*** Opening of Data in this exercise ***

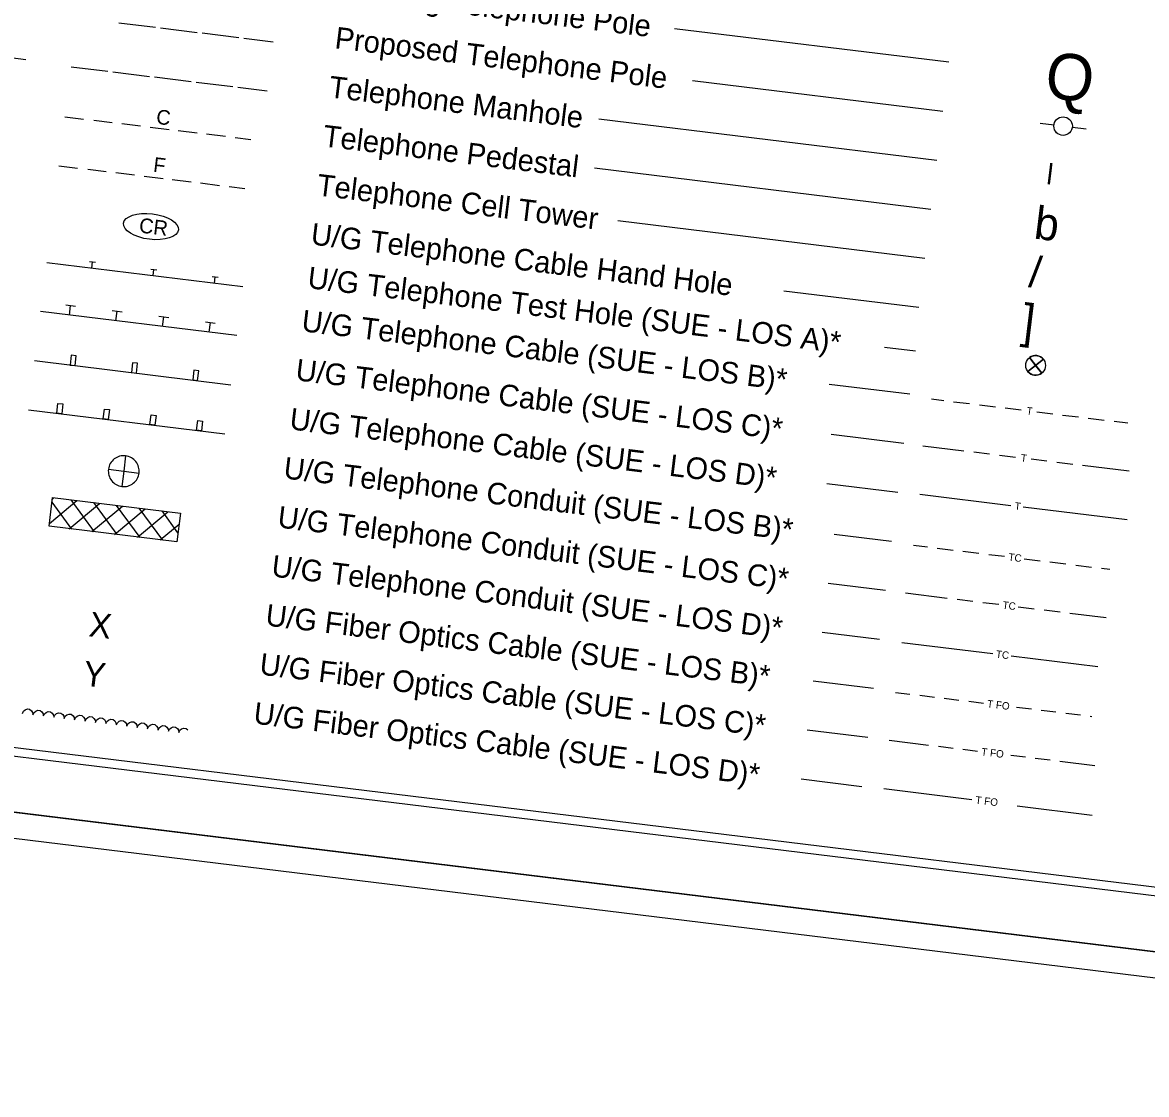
# Model space of a CAD drawing. Extents: x 1756435 to 1766932, y 416863 to 426859.
# Drawn here: x 1762075 to 1763894, y 416863 to 418599 of the extents above; entities that cross this region are included whole.
import ezdxf

# ---------------------------------------------------------------- set-up
doc = ezdxf.new("R2010")
doc.units = 0
for name, color, linetype in [('Exist Utilities Telephone Test Hole SUE LOS A CELL', 7, 'Continuous'), ('Prop WCC CELL', 7, 'Continuous'), ('Scratch_Level_2', 7, 'Continuous'), ('Sheet Cutting Line CELL', 7, 'Continuous'), ('Sheet Plot Border Inside CELL', 7, 'Continuous'), ('Sheet Plot Border Outside CELL', 7, 'Continuous'), ('Sheet Symbology CELL', 7, 'Continuous')]:
    doc.layers.add(name, color=color, linetype=linetype)

msp = doc.modelspace()

# ---------------------------------------------------------------- linework, layer by layer
at = {"layer": 'Exist Utilities Telephone Test Hole SUE LOS A CELL'}
for points in [[(1763727.5, 418053.6), (1763702.4, 418033.9), (1763714.9, 418043.7), (1763705.1, 418056.3), (1763724.8, 418031.1)], [(1763705.1, 418056.3), (1763714.9, 418043.7), (1763727.5, 418053.6)], [(1763724.8, 418031.1), (1763714.9, 418043.7), (1763702.4, 418033.9)]]:
    msp.add_lwpolyline(points, dxfattribs=at)
msp.add_circle((1763714.9, 418043.7), 16, dxfattribs=at)
for start, end in [(38.0234, 128.0234), (218.0234, 308.0234)]:
    msp.add_arc((1763714.9, 418043.7), 16, start, end, dxfattribs=at)
at = {"layer": 'Prop WCC CELL'}
msp.add_ellipse((1762282.7, 418268.5), major_axis=(44.5, -5.4), ratio=0.462467, dxfattribs=at)
at = {"layer": 'Scratch_Level_2'}
msp.add_lwpolyline([(1759243.8, 422098.1), (1765929.9, 421280), (1765395.5, 416912.5), (1758709.3, 417730.7)], close=True, dxfattribs=at)
at = {"layer": 'Sheet Cutting Line CELL'}
for p, q in [((1758709.3, 417730.7), (1765395.5, 416912.5)), ((1758704.3, 417689.2), (1765453.9, 416863.3))]:
    msp.add_line(p, q, dxfattribs=at)
at = {"layer": 'Sheet Plot Border Inside CELL'}
msp.add_lwpolyline([(1758771.9, 417813.5), (1765388.5, 417003.9), (1765901.1, 421193), (1759284.5, 422002.7)], close=True, dxfattribs=at)
at = {"layer": 'Sheet Plot Border Outside CELL'}
msp.add_lwpolyline([(1758709.3, 417730.7), (1765395.5, 416912.5), (1765929.9, 421280), (1759243.8, 422098.1)], close=True, dxfattribs=at)
at = {"layer": 'Sheet Symbology CELL'}
for p, q in [((1762080, 418538.6), (1761416.3, 418619.8)), ((1762230.5, 418598.4), (1762290.1, 418591.1)), ((1762298, 418590.2), (1762357.5, 418582.9)), ((1763574.6, 418534.4), (1763130.3, 418588.7)), ((1762365.5, 418581.9), (1762425, 418574.6)), ((1762433, 418573.6), (1762480.6, 418567.8)), ((1762153.3, 418527.3), (1762212.8, 418520)), ((1762220.8, 418519), (1762280.3, 418511.7)), ((1762288.3, 418510.8), (1762347.8, 418503.5)), ((1762355.8, 418502.5), (1762415.3, 418495.2)), ((1762423.3, 418494.2), (1762470.9, 418488.4)), ((1763564.8, 418455), (1763159.6, 418504.5)), ((1762143.3, 418446), (1762173.5, 418442.3)), ((1762220, 418436.6), (1762190, 418440.3)), ((1763555.1, 418375.5), (1763007.8, 418442.5)), ((1762265.6, 418431), (1762235.4, 418434.7)), ((1762312.3, 418425.3), (1762281.3, 418429.1)), ((1762357.7, 418419.7), (1762327, 418423.5)), ((1763744.7, 418432.9), (1763722.4, 418435.6)), ((1763774.5, 418429.2), (1763796.8, 418426.5)), ((1762403.6, 418414.1), (1762372.4, 418417.9)), ((1762444.5, 418409.1), (1762419.1, 418412.2)), ((1762133.6, 418366.6), (1762163.8, 418362.9)), ((1762210.2, 418357.2), (1762180.3, 418360.9)), ((1762255.9, 418351.6), (1762225.7, 418355.3)), ((1762302.6, 418345.9), (1762271.6, 418349.7)), ((1763545.4, 418296.1), (1763000.8, 418362.8)), ((1762348, 418340.3), (1762317.2, 418344.1)), ((1762393.9, 418334.7), (1762362.7, 418338.5)), ((1762434.8, 418329.7), (1762409.4, 418332.8)), ((1763535.7, 418216.7), (1763038.5, 418277.6)), ((1762113.9, 418210.2), (1762431.5, 418171.3)), ((1762183.1, 418211.8), (1762193, 418210.6)), ((1762186.9, 418201.3), (1762188.1, 418211.2)), ((1762282.4, 418199.6), (1762292.3, 418198.4)), ((1762286.1, 418189.1), (1762287.3, 418199)), ((1762381.6, 418187.5), (1762391.6, 418186.3)), ((1762385.4, 418177), (1762386.6, 418186.9)), ((1763526, 418137.3), (1763307.5, 418164.1)), ((1762421.8, 418091.9), (1762104.1, 418130.8)), ((1762144.7, 418141.7), (1762160.5, 418139.8)), ((1762150.7, 418125.1), (1762152.6, 418140.8)), ((1762220.1, 418132.5), (1762236, 418130.6)), ((1762226.1, 418115.9), (1762228, 418131.5)), ((1762295.5, 418123.3), (1762311.4, 418121.3)), ((1762301.6, 418106.6), (1762303.5, 418122.3)), ((1762371, 418114), (1762386.9, 418112.1)), ((1762377, 418097.4), (1762378.9, 418113.1)), ((1763520.6, 418066.7), (1763470.4, 418072.9)), ((1762094.4, 418051.4), (1762412, 418012.5)), ((1763511, 417996.9), (1763380.8, 418012.8)), ((1763546.4, 417989.4), (1763566.3, 417986.9)), ((1763582.2, 417985), (1763608, 417981.8)), ((1762084.7, 417972), (1762402.3, 417933.1)), ((1763623.9, 417979.9), (1763649.7, 417976.7)), ((1763665.6, 417974.8), (1763691.4, 417971.6)), ((1763716.8, 417968.5), (1763742.6, 417965.3)), ((1763758.5, 417963.4), (1763784.3, 417960.2)), ((1763800.2, 417958.3), (1763826, 417955.1)), ((1763841.9, 417953.2), (1763864, 417950.5)), ((1763501.3, 417917.5), (1763383.7, 417931.9)), ((1763532.1, 417913.7), (1763598.7, 417905.6)), ((1762241.7, 417897.3), (1762238.7, 417872.5)), ((1763614.6, 417903.6), (1763640.4, 417900.5)), ((1763656.3, 417898.5), (1763682.1, 417895.4)), ((1763707.5, 417892.3), (1763733.3, 417889.1)), ((1762213.8, 417875.5), (1762238.7, 417872.5)), ((1763749.2, 417887.2), (1763775, 417884)), ((1763790.9, 417882.1), (1763866.5, 417872.8)), ((1762238.7, 417872.5), (1762235.6, 417847.7)), ((1762238.7, 417872.5), (1762263.5, 417869.4)), ((1763491.6, 417838.1), (1763377, 417852.1)), ((1762117.8, 417783.2), (1762123.5, 417829.7)), ((1762118.4, 417787.8), (1762162.6, 417824.9)), ((1762154.5, 417778.7), (1762122.6, 417822.5)), ((1762123.2, 417827.3), (1762125.7, 417829.4)), ((1762123.5, 417829.7), (1762330.4, 417804.3)), ((1762150.2, 417779.2), (1762199.5, 417820.3)), ((1762191.5, 417774.2), (1762153.5, 417826)), ((1762228.2, 417769.7), (1762190.4, 417821.5)), ((1763527.5, 417835.1), (1763674.9, 417817.1)), ((1762186.9, 417774.7), (1762236.5, 417815.8)), ((1762223.8, 417770.2), (1762273.2, 417811.3)), ((1762265.1, 417765.2), (1762227.1, 417817)), ((1762260.8, 417765.7), (1762309.9, 417806.8)), ((1762302, 417760.7), (1762263.9, 417812.5)), ((1762326.5, 417772.8), (1762300.8, 417808)), ((1762330.4, 417804.3), (1762324.7, 417757.9)), ((1763694.8, 417814.6), (1763863, 417794)), ((1762324.7, 417757.9), (1762117.8, 417783.2)), ((1762297.5, 417761.2), (1762328.2, 417786.9)), ((1763481.8, 417758.7), (1763388.7, 417770.1)), ((1763517.4, 417752.6), (1763539.6, 417749.9)), ((1763555.5, 417747.9), (1763581.3, 417744.8)), ((1763597.2, 417742.8), (1763623, 417739.7)), ((1763638.9, 417737.7), (1763664.7, 417734.6)), ((1763696.4, 417730.7), (1763722.2, 417727.5)), ((1763738.1, 417725.6), (1763763.9, 417722.4)), ((1763779.8, 417720.5), (1763805.6, 417717.3)), ((1763821.5, 417715.4), (1763835, 417713.7)), ((1763472.1, 417679.3), (1763379, 417690.7)), ((1763504.1, 417675.4), (1763571.8, 417667.1)), ((1763587.7, 417665.1), (1763613.5, 417662)), ((1763629.4, 417660), (1763655.2, 417656.9)), ((1763686.9, 417653), (1763712.7, 417649.8)), ((1763728.6, 417647.9), (1763754.4, 417644.7)), ((1763770.3, 417642.8), (1763829.3, 417635.6)), ((1763462.4, 417599.9), (1763369.3, 417611.3)), ((1763498.2, 417595.3), (1763645.4, 417577.3)), ((1763675.2, 417573.6), (1763815.8, 417556.4)), ((1763452.7, 417520.5), (1763354.9, 417532.4)), ((1763488.3, 417514.4), (1763511.4, 417511.5)), ((1763527.3, 417509.6), (1763551.1, 417506.7)), ((1763567, 417504.7), (1763590.8, 417501.8)), ((1763606.7, 417499.9), (1763630.5, 417496.9)), ((1762074.8, 417480.2), (1762076.5, 417483.8)), ((1762076.5, 417483.8), (1762079.2, 417486.1)), ((1762079.2, 417486.1), (1762082.6, 417487.5)), ((1762082.6, 417487.5), (1762086.3, 417487.1)), ((1762086.3, 417487.1), (1762089.3, 417484.7)), ((1762089.3, 417484.7), (1762091.1, 417481.8)), ((1762091.1, 417481.8), (1762091.5, 417478.4)), ((1762091.7, 417478.2), (1762093.4, 417481.8)), ((1762093.4, 417481.8), (1762096.1, 417484.1)), ((1762096.1, 417484.1), (1762099.4, 417485.5)), ((1762099.4, 417485.5), (1762103.2, 417485)), ((1762103.2, 417485), (1762106.2, 417482.6)), ((1762106.2, 417482.6), (1762108, 417479.8)), ((1762108, 417479.8), (1762108.4, 417476.3)), ((1762108.6, 417476.1), (1762110.2, 417479.7)), ((1762110.2, 417479.7), (1762112.9, 417482)), ((1762112.9, 417482), (1762116.3, 417483.4)), ((1762116.3, 417483.4), (1762120.1, 417482.9)), ((1762120.1, 417482.9), (1762123, 417480.6)), ((1762123, 417480.6), (1762124.9, 417477.7)), ((1762124.9, 417477.7), (1762125.3, 417474.2)), ((1762125.4, 417474), (1762127.1, 417477.6)), ((1762127.1, 417477.6), (1762129.8, 417479.9)), ((1762129.8, 417479.9), (1762133.2, 417481.3)), ((1762133.2, 417481.3), (1762137, 417480.9)), ((1762137, 417480.9), (1762139.9, 417478.5)), ((1762139.9, 417478.5), (1762141.8, 417475.7)), ((1762141.8, 417475.7), (1762142.1, 417472.2)), ((1762142.3, 417472), (1762144, 417475.6)), ((1762144, 417475.6), (1762146.7, 417477.9)), ((1762146.7, 417477.9), (1762150.1, 417479.3)), ((1762150.1, 417479.3), (1762153.8, 417478.8)), ((1762153.8, 417478.8), (1762156.8, 417476.4)), ((1762156.8, 417476.4), (1762158.6, 417473.6)), ((1762158.6, 417473.6), (1762159, 417470.1)), ((1762159.2, 417469.9), (1762160.8, 417473.5)), ((1762160.8, 417473.5), (1762163.5, 417475.8)), ((1762163.5, 417475.8), (1762166.9, 417477.2)), ((1762166.9, 417477.2), (1762170.7, 417476.7)), ((1762170.7, 417476.7), (1762173.6, 417474.4)), ((1762173.6, 417474.4), (1762175.5, 417471.5)), ((1762177.7, 417471.5), (1762180.4, 417473.7)), ((1762180.4, 417473.7), (1762183.8, 417475.1)), ((1762183.8, 417475.1), (1762187.6, 417474.7)), ((1762187.6, 417474.7), (1762190.5, 417472.3)), ((1763684.1, 417490.4), (1763708, 417487.5)), ((1763723.9, 417485.5), (1763747.7, 417482.6)), ((1763763.6, 417480.7), (1763787.4, 417477.8)), ((1763803.3, 417475.8), (1763805.9, 417475.5)), ((1762175.5, 417471.5), (1762175.9, 417468.1)), ((1762176.1, 417467.8), (1762177.7, 417471.5)), ((1762190.5, 417472.3), (1762192.4, 417469.5)), ((1762192.4, 417469.5), (1762192.8, 417466)), ((1762192.9, 417465.8), (1762194.6, 417469.4)), ((1762194.6, 417469.4), (1762197.3, 417471.7)), ((1762197.3, 417471.7), (1762200.7, 417473.1)), ((1762200.7, 417473.1), (1762204.5, 417472.6)), ((1762204.5, 417472.6), (1762207.4, 417470.2)), ((1762207.4, 417470.2), (1762209.3, 417467.4)), ((1762209.3, 417467.4), (1762209.6, 417463.9)), ((1762209.8, 417463.7), (1762211.5, 417467.3)), ((1762211.5, 417467.3), (1762214.2, 417469.6)), ((1762214.2, 417469.6), (1762217.6, 417471)), ((1762217.6, 417471), (1762221.3, 417470.5)), ((1762221.3, 417470.5), (1762224.3, 417468.2)), ((1762224.3, 417468.2), (1762226.1, 417465.3)), ((1762226.1, 417465.3), (1762226.5, 417461.9)), ((1762226.7, 417461.6), (1762228.3, 417465.3)), ((1762228.3, 417465.3), (1762231, 417467.5)), ((1762231, 417467.5), (1762234.4, 417468.9)), ((1762234.4, 417468.9), (1762238.2, 417468.5)), ((1762238.2, 417468.5), (1762241.1, 417466.1)), ((1762241.1, 417466.1), (1762243, 417463.3)), ((1762243, 417463.3), (1762243.4, 417459.8)), ((1762243.6, 417459.6), (1762245.2, 417463.2)), ((1762245.2, 417463.2), (1762247.9, 417465.5)), ((1762247.9, 417465.5), (1762251.3, 417466.9)), ((1762251.3, 417466.9), (1762255.1, 417466.4)), ((1762255.1, 417466.4), (1762258, 417464)), ((1762258, 417464), (1762259.9, 417461.2)), ((1762259.9, 417461.2), (1762260.3, 417457.7)), ((1762260.4, 417457.5), (1762262.1, 417461.1)), ((1762262.1, 417461.1), (1762264.8, 417463.4)), ((1762264.8, 417463.4), (1762268.2, 417464.8)), ((1762268.2, 417464.8), (1762272, 417464.4)), ((1762272, 417464.4), (1762274.9, 417462)), ((1762274.9, 417462), (1762276.8, 417459.1)), ((1762276.8, 417459.1), (1762277.1, 417455.7)), ((1762277.3, 417455.4), (1762279, 417459.1)), ((1762279, 417459.1), (1762281.7, 417461.4)), ((1762281.7, 417461.4), (1762285.1, 417462.8)), ((1762285.1, 417462.8), (1762288.8, 417462.3)), ((1762288.8, 417462.3), (1762291.8, 417459.9)), ((1762291.8, 417459.9), (1762293.6, 417457.1)), ((1762293.6, 417457.1), (1762294, 417453.6)), ((1762294.2, 417453.4), (1762295.8, 417457)), ((1762295.8, 417457), (1762298.5, 417459.3)), ((1762298.5, 417459.3), (1762301.9, 417460.7)), ((1762301.9, 417460.7), (1762305.7, 417460.2)), ((1762305.7, 417460.2), (1762308.6, 417457.9)), ((1762308.6, 417457.9), (1762310.5, 417455)), ((1762310.5, 417455), (1762310.9, 417451.5)), ((1762312.7, 417454.9), (1762315.4, 417457.2)), ((1762315.4, 417457.2), (1762318.8, 417458.6)), ((1762318.8, 417458.6), (1762322.6, 417458.2)), ((1762322.6, 417458.2), (1762325.5, 417455.8)), ((1762325.5, 417455.8), (1762327.4, 417452.9)), ((1762329.6, 417452.9), (1762332.3, 417455.2)), ((1762332.3, 417455.2), (1762335.7, 417456.6)), ((1762335.7, 417456.6), (1762339.5, 417456.1)), ((1762339.5, 417456.1), (1762342.4, 417453.7)), ((1762311.1, 417451.3), (1762312.7, 417454.9)), ((1762327.4, 417452.9), (1762327.8, 417449.5)), ((1762327.9, 417449.2), (1762329.6, 417452.9)), ((1762342.4, 417453.7), (1762342.6, 417453.5)), ((1763443, 417441.1), (1763345.2, 417453)), ((1763478, 417436.8), (1763541.6, 417429)), ((1763557.5, 417427), (1763581.3, 417424.1)), ((1763597.2, 417422.2), (1763621, 417419.3)), ((1763674.6, 417412.7), (1763698.5, 417409.8)), ((1763714.3, 417407.8), (1763738.2, 417404.9)), ((1763754.1, 417403), (1763810.9, 417396)), ((1763433.3, 417361.6), (1763335.5, 417373.6)), ((1763469.2, 417358.6), (1763611.6, 417341.1)), ((1763684.9, 417330.6), (1763806.5, 417315.7))]:
    msp.add_line(p, q, dxfattribs=at)
for points in [[(1765850.3, 421189), (1759894.7, 421917.7), (1759385, 417752.9), (1765340.6, 417024.1)], [(1762151.9, 418044.3), (1762159.8, 418043.4), (1762161.8, 418059.3), (1762153.8, 418060.2)], [(1762251.1, 418032.2), (1762259.1, 418031.2), (1762261, 418047.1), (1762253.1, 418048.1)], [(1762350.4, 418020.1), (1762358.3, 418019.1), (1762360.3, 418035), (1762352.4, 418035.9)], [(1762132.2, 417982.3), (1762140.1, 417981.3), (1762138.2, 417965.4), (1762130.2, 417966.4)], [(1762207.6, 417973.1), (1762215.5, 417972.1), (1762213.6, 417956.2), (1762205.6, 417957.2)], [(1762283, 417963.8), (1762291, 417962.8), (1762289, 417947), (1762281.1, 417947.9)], [(1762358.5, 417954.6), (1762366.4, 417953.6), (1762364.5, 417937.7), (1762356.5, 417938.7)]]:
    msp.add_lwpolyline(points, close=True, dxfattribs=at)
msp.add_circle((1763759.4, 418431.1), 15, dxfattribs=at)
for start, end in [(83.0178, 173.0223), (353.0178, 83.0223), (173.0178, 263.0223), (263.0178, 353.0223)]:
    msp.add_arc((1762238.7, 417872.5), 25, start, end, dxfattribs=at)

# ---------------------------------------------------------------- texts
at = {"layer": 'Prop WCC CELL'}
msp.add_text('CR', height=24, rotation=353.0234, dxfattribs=at).set_placement((1762262.5, 418259))
at = {"layer": 'Sheet Symbology CELL'}
for s, height, p in [('Existing Telephone Pole', 35, (1762588.8, 418636.7)), ('Proposed Telephone Pole', 35, (1762579.1, 418557.3)), ('Q', 75, (1763727.4, 418477.9)), ('Telephone Manhole', 35, (1762569.4, 418477.9)), ('C', 23.7, (1762290.3, 418435)), ('Telephone Pedestal', 35, (1762559.7, 418398.5)), ('F', 23.7, (1762285.6, 418357.5)), ('l', 33, (1763731.3, 418337.4)), ('Telephone Cell Tower', 35, (1762550, 418319.1)), ('b', 52.8, (1763710.6, 418249.3)), ('U/G Telephone Cable Hand Hole', 35, (1762540.3, 418239.7)), ('/', 50, (1763702.4, 418171.1)), ('U/G Telephone Test Hole (SUE - LOS A)*', 35, (1762535, 418169.1)), ('U/G Telephone Cable (SUE - LOS B)*', 35, (1762525.3, 418099.2)), (']', 54, (1763690.5, 418090)), ('U/G Telephone Cable (SUE - LOS C)*', 35, (1762515.6, 418019.8)), ('U/G Telephone Cable (SUE - LOS D)*', 35, (1762505.9, 417940.4)), ('T', 12, (1763699.6, 417964.6)), ('U/G Telephone Conduit (SUE - LOS B)*', 35, (1762496.2, 417861)), ('T', 12, (1763690.3, 417888.3)), ('T', 12, (1763680.3, 417810.4)), ('U/G Telephone Conduit (SUE - LOS C)*', 35, (1762486.5, 417781.6)), ('U/G Telephone Conduit (SUE - LOS D)*', 35, (1762476.7, 417702.2)), ('TC', 12, (1763670.3, 417727.9)), ('U/G Fiber Optics Cable (SUE - LOS B)*', 35, (1762467, 417622.8)), ('TC', 12, (1763660.8, 417650.1)), ('X', 40, (1762180.9, 417605.3)), ('TC', 12, (1763650, 417570.7)), ('Y', 40, (1762171.2, 417525.9)), ('U/G Fiber Optics Cable (SUE - LOS C)*', 35, (1762457.3, 417543.4)), ('U/G Fiber Optics Cable (SUE - LOS D)*', 35, (1762447.6, 417464)), ('T FO', 12, (1763635.8, 417490.3)), ('T FO', 12, (1763626.3, 417412.6)), ('T FO', 12, (1763616.9, 417334.5))]:
    msp.add_text(s, height=height, rotation=353.0234, dxfattribs=at).set_placement(p)

doc.saveas('drawing.dxf')

*** Close of Data in this exercise ***

Your objective. Considering only the data above, return the lines in which "color" occurs.

Written answer.
for name, color, linetype in [('Exist Utilities Telephone Test Hole SUE LOS A CELL', 7, 'Continuous'), ('Prop WCC CELL', 7, 'Continuous'), ('Scratch_Level_2', 7, 'Continuous'), ('Sheet Cutting Line CELL', 7, 'Continuous'), ('Sheet Plot Border Inside CELL', 7, 'Continuous'), ('Sheet Plot Border Outside CELL', 7, 'Continuous'), ('Sheet Symbology CELL', 7, 'Continuous')]:
    doc.layers.add(name, color=color, linetype=linetype)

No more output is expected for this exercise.